Friday, January 17, 2014

Review: Family and Friends

 
This review originally posted on My Porch.

One of the best reading ideas I ever had was to re-read all of Anita Brookner's novels in chronological order. My challenge in writing reviews for these re-reads is whether or not I dare to try and put each of them into context with all the others. Given that Brookner has written 24 novels (so far, fingers crossed for 25...) to try and do so would be foolish for someone of my limited critical abilities. Twenty-four books is a lot to try and keep straight and seeing as I started reading them about 15 years ago, I certainly don't remember each of them as if I read them yesterday. Of course I often couldn't even tell you what I actually did read yesterday so you start to see my challenge.

Published in 1985, Family and Friends was Brookner's fifth novel and her first to focus on an entire family rather than her more usual focus on a single individual. To be sure, matriarch and widow Sofka Dorn is the center of the book and the actions of each of her four children are presented in relation to Sofka's dominance and needs, but unlike so many Brookner novels, these kids actually go out and live their lives. That is, at least two of them do. It is debatable whether or not the other two do. Oldest son Frederick isn't all that much interested in running the family factory and begins to place much of the burden on his 16-year old brother Alfred. Oldest daughter Mimi, is more beautiful than her younger sister Betty, but being the much more serious of the two, she seems destined to be the sad Brookner heroine we fans have grown to expect (and love). Meanwhile Betty takes life by the horns and refuses to let go until she has things just as she wants them.

As with most Brookner novel's Family and Friends is set in London, but unlike most of her works, the action takes place in years leading up to World War II. Here and there Brookner gives just the slightest sense of the political winds on the Continent. There may be refugees working in her kitchen and neighbors from the old country needing help, but they are really just background, or they show up to help define the main characters. In fact this is one of the brilliant things about Brookner in general. Her books are such fantastic studies of emotions and personalities that the rest of the world barely exists. She doesn't waste a lot of time creating a world outside her characters' heads but she does that so well one doesn't miss it. It's a kind of writing that requires a fair amount of cultural fluency. To be honest, the first time I read this book I missed much of that background.

Each of us to some degree is influenced by our family. But some families constitute a more closed ecosystem than others. Not surprisingly, Sofka has created--but is ultimately unable to maintain--a world that seems to kits her children out to be nothing else than their mother's children. The boys were tutored at home and the girls given a governess. "They wound up with numerous accomplishments but no real education."

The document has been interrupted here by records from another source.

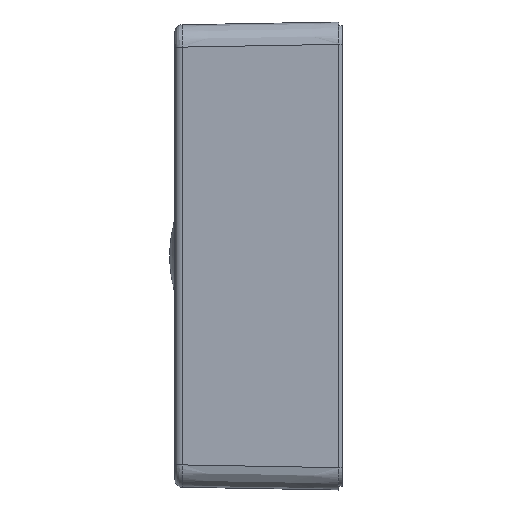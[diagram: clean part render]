
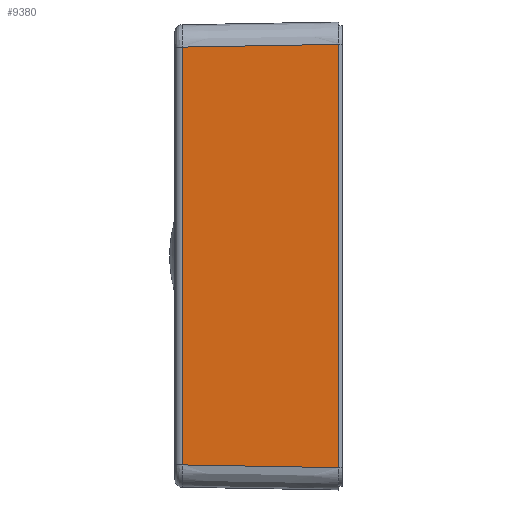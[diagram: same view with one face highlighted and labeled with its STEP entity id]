
A CAD part, left-side view. The second image highlights one B-rep face of the part: STEP entity #9380.
In plain terms, the highlighted planar face has unit normal (-1, 0.018, 0).
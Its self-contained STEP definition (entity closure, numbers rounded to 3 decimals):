
#1 = CARTESIAN_POINT ( 'NONE',  ( -29.851, 8.517, -28.302 ) ) ;
#173 = LINE ( 'NONE', #6977, #4308 ) ;
#289 = CARTESIAN_POINT ( 'NONE',  ( -29.974, 1.517, -31.45 ) ) ;
#648 = B_SPLINE_CURVE_WITH_KNOTS ( 'NONE', 3,
 ( #12102, #2266, #4261, #7257 ),
 .UNSPECIFIED., .F., .F.,
 ( 4, 4 ),
 ( 0.065, 0.958 ),
 .UNSPECIFIED. ) ;
#903 = CARTESIAN_POINT ( 'NONE',  ( -29.729, 15.517, -28.18 ) ) ;
#1193 = LINE ( 'NONE', #289, #3529 ) ;
#1708 = VERTEX_POINT ( 'NONE', #3369 ) ;
#1796 = EDGE_LOOP ( 'NONE', ( #3265, #10930, #2743, #3763 ) ) ;
#2266 = CARTESIAN_POINT ( 'NONE',  ( -29.851, 8.517, 28.302 ) ) ;
#2743 = ORIENTED_EDGE ( 'NONE', *, *, #10243, .T. ) ;
#3265 = ORIENTED_EDGE ( 'NONE', *, *, #7412, .F. ) ;
#3369 = CARTESIAN_POINT ( 'NONE',  ( -29.607, 22.517, 28.057 ) ) ;
#3529 = VECTOR ( 'NONE', #7027, 1000. ) ;
#3763 = ORIENTED_EDGE ( 'NONE', *, *, #3795, .T. ) ;
#3795 = EDGE_CURVE ( 'NONE', #12020, #8073, #11003, .T. ) ;
#3927 = CARTESIAN_POINT ( 'NONE',  ( -29.974, 1.517, -28.424 ) ) ;
#4002 = FACE_OUTER_BOUND ( 'NONE', #1796, .T. ) ;
#4261 = CARTESIAN_POINT ( 'NONE',  ( -29.729, 15.517, 28.18 ) ) ;
#4308 = VECTOR ( 'NONE', #4810, 1000. ) ;
#4810 = DIRECTION ( 'NONE',  ( 0., 0., -1. ) ) ;
#5731 = DIRECTION ( 'NONE',  ( -0.017, -1., 0. ) ) ;
#6977 = CARTESIAN_POINT ( 'NONE',  ( -29.607, 22.517, -28.04 ) ) ;
#7027 = DIRECTION ( 'NONE',  ( 0., 0., -1. ) ) ;
#7257 = CARTESIAN_POINT ( 'NONE',  ( -29.607, 22.517, 28.057 ) ) ;
#7412 = EDGE_CURVE ( 'NONE', #10861, #8073, #1193, .T. ) ;
#8073 = VERTEX_POINT ( 'NONE', #12379 ) ;
#9207 = EDGE_CURVE ( 'NONE', #10861, #1708, #648, .T. ) ;
#9380 = ADVANCED_FACE ( 'NONE', ( #4002 ), #10642, .T. ) ;
#9806 = DIRECTION ( 'NONE',  ( -1., 0.017, 0. ) ) ;
#10243 = EDGE_CURVE ( 'NONE', #1708, #12020, #173, .T. ) ;
#10642 = PLANE ( 'NONE',  #11405 ) ;
#10750 = CARTESIAN_POINT ( 'NONE',  ( -29.607, 22.517, -28.057 ) ) ;
#10861 = VERTEX_POINT ( 'NONE', #12483 ) ;
#10930 = ORIENTED_EDGE ( 'NONE', *, *, #9207, .T. ) ;
#10998 = CARTESIAN_POINT ( 'NONE',  ( -29.607, 22.517, -28.057 ) ) ;
#11003 = B_SPLINE_CURVE_WITH_KNOTS ( 'NONE', 3,
 ( #10750, #903, #1, #3927 ),
 .UNSPECIFIED., .F., .F.,
 ( 4, 4 ),
 ( 0.042, 0.935 ),
 .UNSPECIFIED. ) ;
#11405 = AXIS2_PLACEMENT_3D ( 'NONE', #12610, #9806, #5731 ) ;
#12020 = VERTEX_POINT ( 'NONE', #10998 ) ;
#12102 = CARTESIAN_POINT ( 'NONE',  ( -29.974, 1.517, 28.424 ) ) ;
#12379 = CARTESIAN_POINT ( 'NONE',  ( -29.974, 1.517, -28.424 ) ) ;
#12483 = CARTESIAN_POINT ( 'NONE',  ( -29.974, 1.517, 28.424 ) ) ;
#12610 = CARTESIAN_POINT ( 'NONE',  ( -30., 0., -31.45 ) ) ;

"To Frederick [Sofka] is an oasis of sanity in a world peopled by increasingly difficult women."  Even today, I bet each of us can point to at least one man that fits that bill--no woman can serve him as well as mama did.  "To Alfred Sofka is quite simply a deity ... He knows no one as beautiful as Sofka ... she has seen to it that his life never will escape her ... " Frederick ends up marrying Evie, someone quite unexpected and perhaps exactly the kind of difficult woman his mother was not. The two of them move to Italy to run a hotel owned by Evie's family. Alfred, on the other hand, never leaves his mother but also seems subconsciously to be punishing her for imprisoning him. He has mistresses under his mother's nose, takes up a weekend house in the country she doesn't entirely like with a cook she doesn't approve of, and even moves them into a flat a very masculine flat with rooms the color of cigars.

But what of the girls? Mimi, thwarted in love by the younger, less pretty Betty decides to lead a nun-like existence until she marries the much, much older major domo of the family business. (I read this book while in the early pages of Middlemarch and I couldn't help but see some slight similarities between Mimi and Dodo.) Betty, meanwhile decides to stay in Paris rather than continue her journey to Switzerland for finishing school. She dances on the stage for awhile before marrying a movie producer and moving to California.

Ultimately Mimi and Alfred stay by Sofka's side until the end while Frederick and Betty don't even bother come back to visit. Not ever. Not even when she is dying.

Although Family and Friends has far more action than a typical Brookner novel, one doesn't read Brookner for action. One reads her for her ability to develop a character and describe them with great nuance and economy. Instead of being painted by a famous painter, I would love to be described by Anita Brookner. I'm sure I wouldn't like it, but I would love the way she said it.

For those who haven't read Brookner before, I think this would be a good one to ease into her style and the sadness that pervades much of her work. In fact there were moments of Family and Friends that actually seemed joyful.